** RECORDS TO USE follows **
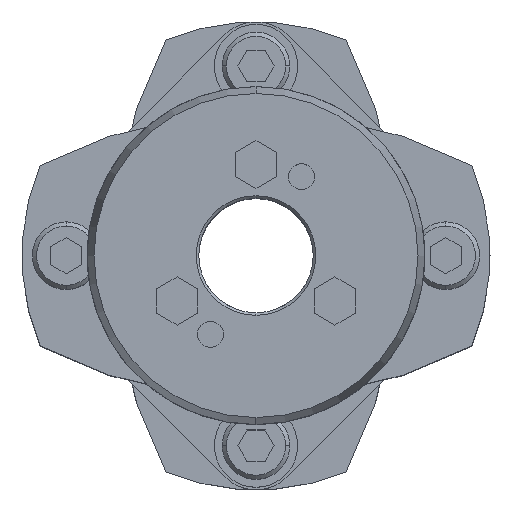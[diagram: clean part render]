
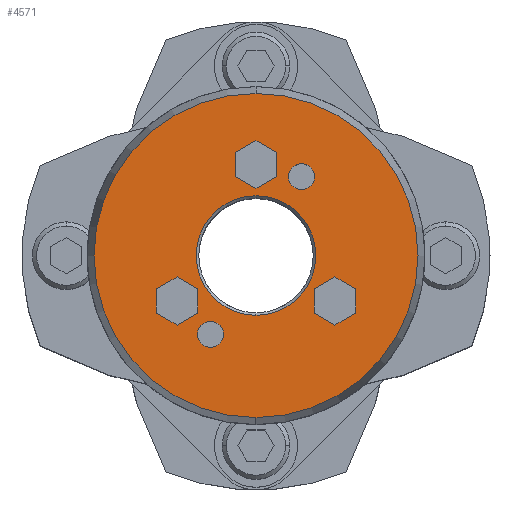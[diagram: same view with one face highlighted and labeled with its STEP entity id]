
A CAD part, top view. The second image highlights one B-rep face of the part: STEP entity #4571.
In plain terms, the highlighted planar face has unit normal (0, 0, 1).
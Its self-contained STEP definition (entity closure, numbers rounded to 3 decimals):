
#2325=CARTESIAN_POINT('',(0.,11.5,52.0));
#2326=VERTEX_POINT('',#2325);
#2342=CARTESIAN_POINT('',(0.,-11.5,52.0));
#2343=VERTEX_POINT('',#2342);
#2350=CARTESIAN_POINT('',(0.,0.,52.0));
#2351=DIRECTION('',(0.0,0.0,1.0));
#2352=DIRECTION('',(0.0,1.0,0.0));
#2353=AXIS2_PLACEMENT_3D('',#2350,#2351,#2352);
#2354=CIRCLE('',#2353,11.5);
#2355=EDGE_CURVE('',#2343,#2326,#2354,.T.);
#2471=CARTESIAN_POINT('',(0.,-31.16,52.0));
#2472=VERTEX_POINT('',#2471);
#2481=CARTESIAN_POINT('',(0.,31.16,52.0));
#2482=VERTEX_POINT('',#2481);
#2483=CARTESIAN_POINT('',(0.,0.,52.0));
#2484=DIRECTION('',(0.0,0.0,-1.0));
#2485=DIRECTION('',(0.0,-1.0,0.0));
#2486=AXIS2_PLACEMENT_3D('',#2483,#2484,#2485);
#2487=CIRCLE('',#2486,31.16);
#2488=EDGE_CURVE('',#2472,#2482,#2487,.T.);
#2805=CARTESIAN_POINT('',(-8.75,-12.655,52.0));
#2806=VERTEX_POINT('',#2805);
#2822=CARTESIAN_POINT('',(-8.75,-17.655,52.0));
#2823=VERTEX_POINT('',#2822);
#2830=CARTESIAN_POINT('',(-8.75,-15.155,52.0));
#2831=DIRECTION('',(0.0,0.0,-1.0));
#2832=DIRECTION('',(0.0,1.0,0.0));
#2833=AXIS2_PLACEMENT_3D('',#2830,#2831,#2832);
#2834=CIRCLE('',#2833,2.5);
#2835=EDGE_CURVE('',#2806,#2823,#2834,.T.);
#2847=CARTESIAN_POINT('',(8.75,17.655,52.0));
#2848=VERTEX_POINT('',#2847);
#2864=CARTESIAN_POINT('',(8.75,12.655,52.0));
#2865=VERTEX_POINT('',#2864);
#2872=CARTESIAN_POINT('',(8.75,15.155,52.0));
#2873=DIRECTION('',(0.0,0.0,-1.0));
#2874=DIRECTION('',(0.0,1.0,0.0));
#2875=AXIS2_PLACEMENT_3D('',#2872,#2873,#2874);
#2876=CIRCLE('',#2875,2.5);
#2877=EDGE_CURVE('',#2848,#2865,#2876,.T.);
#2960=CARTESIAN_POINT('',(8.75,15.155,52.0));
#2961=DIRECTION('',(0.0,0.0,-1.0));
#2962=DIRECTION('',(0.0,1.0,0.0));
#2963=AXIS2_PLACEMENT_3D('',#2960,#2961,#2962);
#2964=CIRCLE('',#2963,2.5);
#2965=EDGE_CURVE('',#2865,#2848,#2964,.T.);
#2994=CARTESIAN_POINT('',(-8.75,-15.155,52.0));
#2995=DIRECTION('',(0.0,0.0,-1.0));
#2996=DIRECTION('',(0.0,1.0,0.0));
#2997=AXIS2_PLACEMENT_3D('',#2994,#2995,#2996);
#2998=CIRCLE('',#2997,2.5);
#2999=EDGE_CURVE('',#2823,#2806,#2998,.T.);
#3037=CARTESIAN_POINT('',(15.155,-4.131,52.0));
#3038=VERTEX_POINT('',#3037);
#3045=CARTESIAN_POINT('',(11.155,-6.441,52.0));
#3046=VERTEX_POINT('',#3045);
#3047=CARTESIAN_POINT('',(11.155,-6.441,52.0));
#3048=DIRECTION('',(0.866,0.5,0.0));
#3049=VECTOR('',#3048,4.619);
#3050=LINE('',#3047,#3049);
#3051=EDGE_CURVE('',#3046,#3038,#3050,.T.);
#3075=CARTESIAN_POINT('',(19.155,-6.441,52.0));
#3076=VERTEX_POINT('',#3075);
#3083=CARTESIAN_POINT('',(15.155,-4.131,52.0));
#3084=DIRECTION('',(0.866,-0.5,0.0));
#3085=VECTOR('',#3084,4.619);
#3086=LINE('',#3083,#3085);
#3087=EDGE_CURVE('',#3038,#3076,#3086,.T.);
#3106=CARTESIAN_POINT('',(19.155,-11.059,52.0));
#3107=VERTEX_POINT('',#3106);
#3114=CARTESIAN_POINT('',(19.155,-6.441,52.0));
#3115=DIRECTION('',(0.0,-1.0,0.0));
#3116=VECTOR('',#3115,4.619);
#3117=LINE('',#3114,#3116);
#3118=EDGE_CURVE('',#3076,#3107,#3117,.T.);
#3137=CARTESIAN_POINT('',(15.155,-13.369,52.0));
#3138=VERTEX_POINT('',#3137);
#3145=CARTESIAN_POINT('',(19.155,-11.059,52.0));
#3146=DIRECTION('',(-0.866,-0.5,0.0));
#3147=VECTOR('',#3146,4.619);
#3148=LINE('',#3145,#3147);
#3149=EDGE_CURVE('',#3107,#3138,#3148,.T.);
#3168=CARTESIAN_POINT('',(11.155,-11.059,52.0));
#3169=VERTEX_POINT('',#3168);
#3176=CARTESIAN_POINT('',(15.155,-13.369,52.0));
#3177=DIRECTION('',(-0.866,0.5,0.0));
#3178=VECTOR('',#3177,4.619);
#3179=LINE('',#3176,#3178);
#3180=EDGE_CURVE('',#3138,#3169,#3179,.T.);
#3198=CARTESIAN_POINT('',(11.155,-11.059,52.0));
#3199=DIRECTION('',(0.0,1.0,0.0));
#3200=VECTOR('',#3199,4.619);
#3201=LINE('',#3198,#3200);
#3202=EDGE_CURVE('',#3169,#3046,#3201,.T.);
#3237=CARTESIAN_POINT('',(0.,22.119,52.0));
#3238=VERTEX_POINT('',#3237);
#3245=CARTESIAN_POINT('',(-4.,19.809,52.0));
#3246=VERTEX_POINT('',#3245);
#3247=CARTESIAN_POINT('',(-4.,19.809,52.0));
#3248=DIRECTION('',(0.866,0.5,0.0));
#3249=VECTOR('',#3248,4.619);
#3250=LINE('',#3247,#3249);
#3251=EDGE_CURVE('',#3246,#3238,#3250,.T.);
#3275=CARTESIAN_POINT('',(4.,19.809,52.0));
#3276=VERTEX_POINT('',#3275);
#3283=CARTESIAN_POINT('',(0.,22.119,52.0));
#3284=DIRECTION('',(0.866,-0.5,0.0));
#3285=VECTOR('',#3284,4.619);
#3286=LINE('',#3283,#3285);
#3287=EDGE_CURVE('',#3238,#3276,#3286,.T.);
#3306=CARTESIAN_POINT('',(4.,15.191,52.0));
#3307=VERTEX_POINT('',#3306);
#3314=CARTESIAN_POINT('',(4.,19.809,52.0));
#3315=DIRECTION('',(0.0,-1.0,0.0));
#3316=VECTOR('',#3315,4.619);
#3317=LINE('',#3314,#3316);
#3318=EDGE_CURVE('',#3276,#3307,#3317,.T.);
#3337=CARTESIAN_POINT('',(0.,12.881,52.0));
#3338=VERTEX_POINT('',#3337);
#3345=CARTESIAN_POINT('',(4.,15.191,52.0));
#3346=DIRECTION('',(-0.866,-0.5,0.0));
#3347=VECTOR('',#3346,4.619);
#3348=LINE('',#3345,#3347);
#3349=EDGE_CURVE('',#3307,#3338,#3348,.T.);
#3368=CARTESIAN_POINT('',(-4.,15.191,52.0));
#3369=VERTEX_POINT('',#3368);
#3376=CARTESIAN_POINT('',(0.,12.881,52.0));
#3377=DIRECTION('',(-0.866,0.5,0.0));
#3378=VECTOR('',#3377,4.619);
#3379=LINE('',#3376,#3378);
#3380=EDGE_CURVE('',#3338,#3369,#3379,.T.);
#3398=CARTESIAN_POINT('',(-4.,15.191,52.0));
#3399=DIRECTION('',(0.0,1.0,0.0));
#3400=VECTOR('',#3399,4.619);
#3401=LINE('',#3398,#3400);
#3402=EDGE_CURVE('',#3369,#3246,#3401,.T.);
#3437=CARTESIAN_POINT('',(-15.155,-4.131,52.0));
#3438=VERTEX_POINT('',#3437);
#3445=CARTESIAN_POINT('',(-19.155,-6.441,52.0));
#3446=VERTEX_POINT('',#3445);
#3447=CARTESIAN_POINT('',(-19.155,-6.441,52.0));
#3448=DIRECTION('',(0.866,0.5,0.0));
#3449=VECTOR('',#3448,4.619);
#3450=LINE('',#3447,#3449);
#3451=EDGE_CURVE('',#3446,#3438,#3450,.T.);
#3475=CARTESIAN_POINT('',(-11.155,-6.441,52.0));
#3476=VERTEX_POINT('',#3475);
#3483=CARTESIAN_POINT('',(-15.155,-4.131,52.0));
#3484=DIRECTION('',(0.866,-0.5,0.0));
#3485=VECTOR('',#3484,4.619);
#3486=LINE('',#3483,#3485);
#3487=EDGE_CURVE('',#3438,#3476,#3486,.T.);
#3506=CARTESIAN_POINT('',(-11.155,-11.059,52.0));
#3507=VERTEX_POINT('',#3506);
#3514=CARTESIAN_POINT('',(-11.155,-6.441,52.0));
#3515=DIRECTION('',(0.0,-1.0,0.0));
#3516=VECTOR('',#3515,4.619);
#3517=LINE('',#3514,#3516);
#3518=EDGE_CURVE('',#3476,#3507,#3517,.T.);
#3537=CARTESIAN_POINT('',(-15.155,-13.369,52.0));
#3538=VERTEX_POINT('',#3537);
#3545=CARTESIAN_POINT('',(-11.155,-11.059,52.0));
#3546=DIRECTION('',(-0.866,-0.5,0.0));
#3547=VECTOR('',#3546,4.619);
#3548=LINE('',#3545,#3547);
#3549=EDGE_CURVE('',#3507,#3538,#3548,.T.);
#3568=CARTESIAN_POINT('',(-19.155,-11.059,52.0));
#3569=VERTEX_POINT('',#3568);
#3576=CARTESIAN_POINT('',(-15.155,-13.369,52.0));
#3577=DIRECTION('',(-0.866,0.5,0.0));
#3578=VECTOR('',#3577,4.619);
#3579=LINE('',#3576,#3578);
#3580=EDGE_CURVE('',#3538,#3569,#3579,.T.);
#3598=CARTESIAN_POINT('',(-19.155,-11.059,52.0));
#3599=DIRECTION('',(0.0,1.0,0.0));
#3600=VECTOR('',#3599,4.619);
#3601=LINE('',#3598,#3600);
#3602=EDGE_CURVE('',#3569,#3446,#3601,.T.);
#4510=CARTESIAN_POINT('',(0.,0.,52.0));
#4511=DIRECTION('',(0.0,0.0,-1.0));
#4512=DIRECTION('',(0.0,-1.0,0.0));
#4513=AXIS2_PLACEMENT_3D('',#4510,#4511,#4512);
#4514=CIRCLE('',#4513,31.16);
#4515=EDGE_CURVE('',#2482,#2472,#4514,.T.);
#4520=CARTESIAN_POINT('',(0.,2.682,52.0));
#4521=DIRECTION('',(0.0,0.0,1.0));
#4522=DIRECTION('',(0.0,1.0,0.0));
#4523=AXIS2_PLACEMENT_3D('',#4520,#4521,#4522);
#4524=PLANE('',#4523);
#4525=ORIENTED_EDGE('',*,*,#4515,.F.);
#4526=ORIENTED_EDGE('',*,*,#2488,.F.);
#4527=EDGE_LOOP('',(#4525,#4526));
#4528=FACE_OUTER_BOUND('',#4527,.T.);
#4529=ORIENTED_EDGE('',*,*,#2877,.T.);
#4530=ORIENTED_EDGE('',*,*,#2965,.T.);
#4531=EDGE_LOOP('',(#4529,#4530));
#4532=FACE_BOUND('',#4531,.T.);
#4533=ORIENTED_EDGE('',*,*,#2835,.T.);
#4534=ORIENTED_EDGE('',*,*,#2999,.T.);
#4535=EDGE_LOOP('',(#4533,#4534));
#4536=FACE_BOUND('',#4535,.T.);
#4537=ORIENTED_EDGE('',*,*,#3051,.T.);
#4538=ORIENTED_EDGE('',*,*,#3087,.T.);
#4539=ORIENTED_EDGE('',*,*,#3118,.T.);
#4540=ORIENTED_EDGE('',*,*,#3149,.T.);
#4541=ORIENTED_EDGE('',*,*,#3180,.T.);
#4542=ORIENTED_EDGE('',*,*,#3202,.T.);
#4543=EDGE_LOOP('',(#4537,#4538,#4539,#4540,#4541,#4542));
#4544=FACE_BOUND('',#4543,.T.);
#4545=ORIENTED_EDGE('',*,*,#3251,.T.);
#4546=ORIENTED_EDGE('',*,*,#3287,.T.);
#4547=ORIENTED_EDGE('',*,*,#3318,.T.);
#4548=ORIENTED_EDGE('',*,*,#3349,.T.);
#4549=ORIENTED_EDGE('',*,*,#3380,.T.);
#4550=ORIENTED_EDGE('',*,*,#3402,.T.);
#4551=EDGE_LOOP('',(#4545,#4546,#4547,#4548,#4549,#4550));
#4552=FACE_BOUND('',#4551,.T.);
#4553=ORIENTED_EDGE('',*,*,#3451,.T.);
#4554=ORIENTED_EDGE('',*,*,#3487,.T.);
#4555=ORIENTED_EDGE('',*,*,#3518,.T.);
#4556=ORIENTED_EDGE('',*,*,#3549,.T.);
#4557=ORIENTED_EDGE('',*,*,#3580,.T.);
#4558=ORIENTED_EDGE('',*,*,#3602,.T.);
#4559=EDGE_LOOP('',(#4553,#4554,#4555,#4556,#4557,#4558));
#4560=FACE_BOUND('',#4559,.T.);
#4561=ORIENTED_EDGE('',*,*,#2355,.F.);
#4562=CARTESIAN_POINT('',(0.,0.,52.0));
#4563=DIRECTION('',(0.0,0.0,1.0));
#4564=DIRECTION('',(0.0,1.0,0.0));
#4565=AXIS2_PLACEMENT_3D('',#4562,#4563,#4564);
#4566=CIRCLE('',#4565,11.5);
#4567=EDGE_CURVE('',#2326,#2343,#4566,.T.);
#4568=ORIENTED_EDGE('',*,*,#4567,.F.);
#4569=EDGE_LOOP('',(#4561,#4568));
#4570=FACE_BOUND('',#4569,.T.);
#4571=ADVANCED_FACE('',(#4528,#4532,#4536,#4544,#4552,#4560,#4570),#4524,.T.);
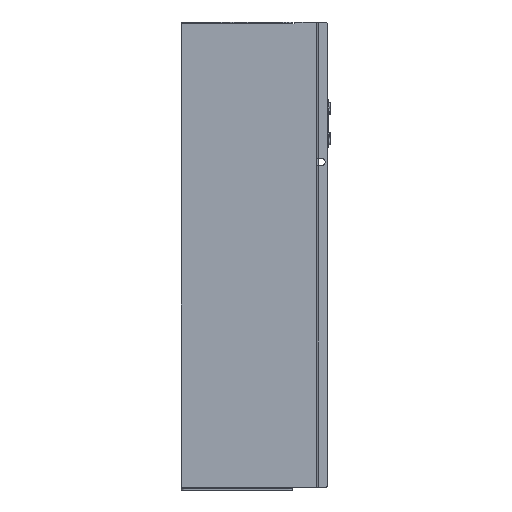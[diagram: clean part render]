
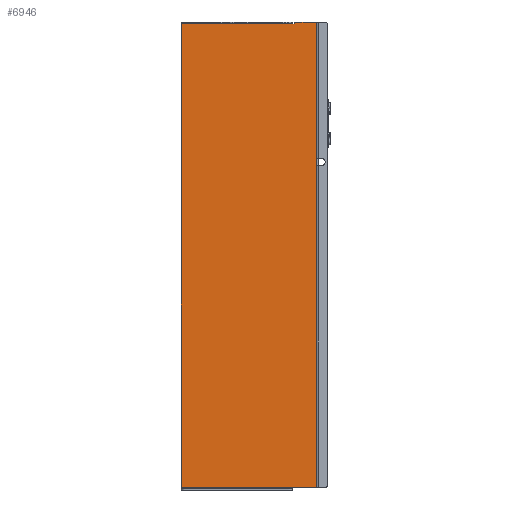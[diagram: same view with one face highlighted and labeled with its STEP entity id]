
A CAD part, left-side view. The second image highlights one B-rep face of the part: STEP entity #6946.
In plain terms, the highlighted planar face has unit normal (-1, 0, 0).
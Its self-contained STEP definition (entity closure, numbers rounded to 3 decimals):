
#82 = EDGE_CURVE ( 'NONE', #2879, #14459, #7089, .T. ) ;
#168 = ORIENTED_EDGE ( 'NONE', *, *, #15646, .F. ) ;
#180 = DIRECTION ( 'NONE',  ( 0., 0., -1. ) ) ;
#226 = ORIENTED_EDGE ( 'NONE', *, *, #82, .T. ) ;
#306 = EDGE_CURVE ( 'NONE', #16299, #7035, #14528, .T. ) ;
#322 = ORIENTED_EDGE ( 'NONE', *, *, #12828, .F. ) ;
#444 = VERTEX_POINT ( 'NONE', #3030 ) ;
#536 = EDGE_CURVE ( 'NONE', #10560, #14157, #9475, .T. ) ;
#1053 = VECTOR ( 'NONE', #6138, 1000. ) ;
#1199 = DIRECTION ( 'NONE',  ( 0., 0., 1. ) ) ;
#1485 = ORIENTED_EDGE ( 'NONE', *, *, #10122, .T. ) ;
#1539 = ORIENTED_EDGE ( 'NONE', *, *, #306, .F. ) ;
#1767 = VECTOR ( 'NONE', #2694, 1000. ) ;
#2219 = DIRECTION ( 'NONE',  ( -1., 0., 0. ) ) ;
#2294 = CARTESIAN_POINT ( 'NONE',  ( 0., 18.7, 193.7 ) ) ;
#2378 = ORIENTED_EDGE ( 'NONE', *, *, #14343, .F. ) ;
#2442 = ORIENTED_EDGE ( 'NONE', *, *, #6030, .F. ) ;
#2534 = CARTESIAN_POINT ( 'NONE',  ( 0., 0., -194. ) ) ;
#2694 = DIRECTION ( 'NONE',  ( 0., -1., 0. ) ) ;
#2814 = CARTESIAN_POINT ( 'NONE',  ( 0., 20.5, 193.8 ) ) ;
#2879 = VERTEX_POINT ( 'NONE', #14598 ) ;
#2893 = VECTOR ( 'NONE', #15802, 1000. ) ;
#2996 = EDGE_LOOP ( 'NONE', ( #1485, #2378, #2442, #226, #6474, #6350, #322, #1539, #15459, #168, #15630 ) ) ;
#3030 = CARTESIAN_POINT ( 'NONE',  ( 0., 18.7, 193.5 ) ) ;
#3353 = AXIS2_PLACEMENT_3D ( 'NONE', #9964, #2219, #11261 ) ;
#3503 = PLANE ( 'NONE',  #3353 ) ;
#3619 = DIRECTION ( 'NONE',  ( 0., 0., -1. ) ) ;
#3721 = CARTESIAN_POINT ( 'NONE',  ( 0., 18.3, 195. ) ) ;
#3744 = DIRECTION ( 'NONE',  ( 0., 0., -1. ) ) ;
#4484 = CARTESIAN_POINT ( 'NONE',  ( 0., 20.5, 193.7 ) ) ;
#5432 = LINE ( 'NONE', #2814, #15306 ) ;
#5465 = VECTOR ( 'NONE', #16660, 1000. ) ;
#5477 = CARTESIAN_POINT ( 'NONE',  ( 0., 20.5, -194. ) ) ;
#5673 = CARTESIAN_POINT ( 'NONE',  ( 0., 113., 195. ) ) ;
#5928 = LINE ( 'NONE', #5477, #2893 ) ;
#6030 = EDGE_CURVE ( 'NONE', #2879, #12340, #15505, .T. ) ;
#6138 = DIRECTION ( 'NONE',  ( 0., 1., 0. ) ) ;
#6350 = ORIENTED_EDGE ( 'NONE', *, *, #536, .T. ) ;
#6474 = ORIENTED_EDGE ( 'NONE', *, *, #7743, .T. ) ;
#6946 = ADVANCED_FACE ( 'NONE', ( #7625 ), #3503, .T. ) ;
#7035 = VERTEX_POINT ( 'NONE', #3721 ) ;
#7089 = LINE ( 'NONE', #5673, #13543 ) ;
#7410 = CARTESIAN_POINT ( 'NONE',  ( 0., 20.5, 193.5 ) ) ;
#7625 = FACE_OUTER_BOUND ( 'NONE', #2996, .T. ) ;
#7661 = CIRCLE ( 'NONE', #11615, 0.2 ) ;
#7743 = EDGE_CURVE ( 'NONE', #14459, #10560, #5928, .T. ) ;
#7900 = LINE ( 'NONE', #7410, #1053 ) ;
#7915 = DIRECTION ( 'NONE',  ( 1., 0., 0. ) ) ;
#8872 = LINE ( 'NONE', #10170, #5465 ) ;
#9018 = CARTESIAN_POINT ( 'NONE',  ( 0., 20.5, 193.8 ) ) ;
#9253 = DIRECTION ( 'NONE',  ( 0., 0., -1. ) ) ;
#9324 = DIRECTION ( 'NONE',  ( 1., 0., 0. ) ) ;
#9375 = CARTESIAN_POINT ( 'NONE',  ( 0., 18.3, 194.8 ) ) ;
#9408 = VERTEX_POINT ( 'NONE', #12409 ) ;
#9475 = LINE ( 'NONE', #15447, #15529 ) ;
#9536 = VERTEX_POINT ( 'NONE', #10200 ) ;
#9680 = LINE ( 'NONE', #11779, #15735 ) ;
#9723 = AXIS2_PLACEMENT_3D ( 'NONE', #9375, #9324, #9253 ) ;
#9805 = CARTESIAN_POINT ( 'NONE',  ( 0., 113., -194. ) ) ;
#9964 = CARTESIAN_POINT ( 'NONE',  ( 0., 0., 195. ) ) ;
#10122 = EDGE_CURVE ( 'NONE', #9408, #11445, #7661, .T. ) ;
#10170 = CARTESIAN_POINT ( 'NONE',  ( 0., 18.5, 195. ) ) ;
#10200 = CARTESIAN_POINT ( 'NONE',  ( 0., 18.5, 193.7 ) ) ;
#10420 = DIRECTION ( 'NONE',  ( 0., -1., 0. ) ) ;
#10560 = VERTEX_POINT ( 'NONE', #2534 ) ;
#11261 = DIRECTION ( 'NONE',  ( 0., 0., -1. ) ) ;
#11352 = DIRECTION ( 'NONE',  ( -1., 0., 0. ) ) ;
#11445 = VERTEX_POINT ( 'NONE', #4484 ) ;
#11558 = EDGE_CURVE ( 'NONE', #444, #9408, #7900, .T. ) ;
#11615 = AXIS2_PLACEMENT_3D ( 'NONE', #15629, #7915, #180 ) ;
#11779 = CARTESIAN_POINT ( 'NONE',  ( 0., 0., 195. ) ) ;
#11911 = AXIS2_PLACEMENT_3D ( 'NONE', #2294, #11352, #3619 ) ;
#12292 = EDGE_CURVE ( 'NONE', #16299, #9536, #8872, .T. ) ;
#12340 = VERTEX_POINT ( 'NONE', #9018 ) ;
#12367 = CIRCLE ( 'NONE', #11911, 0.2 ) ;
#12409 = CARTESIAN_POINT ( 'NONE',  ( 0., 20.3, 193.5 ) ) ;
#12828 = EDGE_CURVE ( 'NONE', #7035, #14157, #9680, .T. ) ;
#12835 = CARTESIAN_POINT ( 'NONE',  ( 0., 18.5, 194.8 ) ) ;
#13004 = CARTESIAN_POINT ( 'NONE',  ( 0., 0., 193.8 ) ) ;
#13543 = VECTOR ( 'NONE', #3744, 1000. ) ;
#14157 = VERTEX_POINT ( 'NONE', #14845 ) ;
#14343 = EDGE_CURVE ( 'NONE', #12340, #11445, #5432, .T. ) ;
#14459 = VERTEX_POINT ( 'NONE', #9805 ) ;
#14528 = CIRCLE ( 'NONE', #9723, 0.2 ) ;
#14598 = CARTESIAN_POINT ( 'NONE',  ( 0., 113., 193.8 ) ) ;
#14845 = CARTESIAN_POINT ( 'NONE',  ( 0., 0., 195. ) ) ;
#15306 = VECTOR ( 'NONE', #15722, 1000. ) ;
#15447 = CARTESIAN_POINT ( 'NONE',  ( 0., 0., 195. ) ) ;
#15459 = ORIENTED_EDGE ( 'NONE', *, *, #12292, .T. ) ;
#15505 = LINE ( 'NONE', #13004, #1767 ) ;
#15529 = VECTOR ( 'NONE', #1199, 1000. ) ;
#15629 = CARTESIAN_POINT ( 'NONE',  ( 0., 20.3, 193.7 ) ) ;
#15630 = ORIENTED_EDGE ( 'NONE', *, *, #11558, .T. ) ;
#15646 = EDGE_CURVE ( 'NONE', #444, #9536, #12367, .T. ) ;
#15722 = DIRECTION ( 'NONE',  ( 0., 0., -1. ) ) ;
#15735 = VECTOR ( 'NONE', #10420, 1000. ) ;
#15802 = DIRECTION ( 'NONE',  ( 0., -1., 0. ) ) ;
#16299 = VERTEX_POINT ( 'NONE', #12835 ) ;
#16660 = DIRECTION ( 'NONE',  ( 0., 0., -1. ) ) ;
** End of RECORDS TO USE **
In the material above, find the line containing "#12835 = CARTESIAN_POINT" and the line containing "#15447 = CARTESIAN_POINT", then write out exactly those two lines and every line between them, and nothing more.

ANSWER BOX:
#12835 = CARTESIAN_POINT ( 'NONE',  ( 0., 18.5, 194.8 ) ) ;
#13004 = CARTESIAN_POINT ( 'NONE',  ( 0., 0., 193.8 ) ) ;
#13543 = VECTOR ( 'NONE', #3744, 1000. ) ;
#14157 = VERTEX_POINT ( 'NONE', #14845 ) ;
#14343 = EDGE_CURVE ( 'NONE', #12340, #11445, #5432, .T. ) ;
#14459 = VERTEX_POINT ( 'NONE', #9805 ) ;
#14528 = CIRCLE ( 'NONE', #9723, 0.2 ) ;
#14598 = CARTESIAN_POINT ( 'NONE',  ( 0., 113., 193.8 ) ) ;
#14845 = CARTESIAN_POINT ( 'NONE',  ( 0., 0., 195. ) ) ;
#15306 = VECTOR ( 'NONE', #15722, 1000. ) ;
#15447 = CARTESIAN_POINT ( 'NONE',  ( 0., 0., 195. ) ) ;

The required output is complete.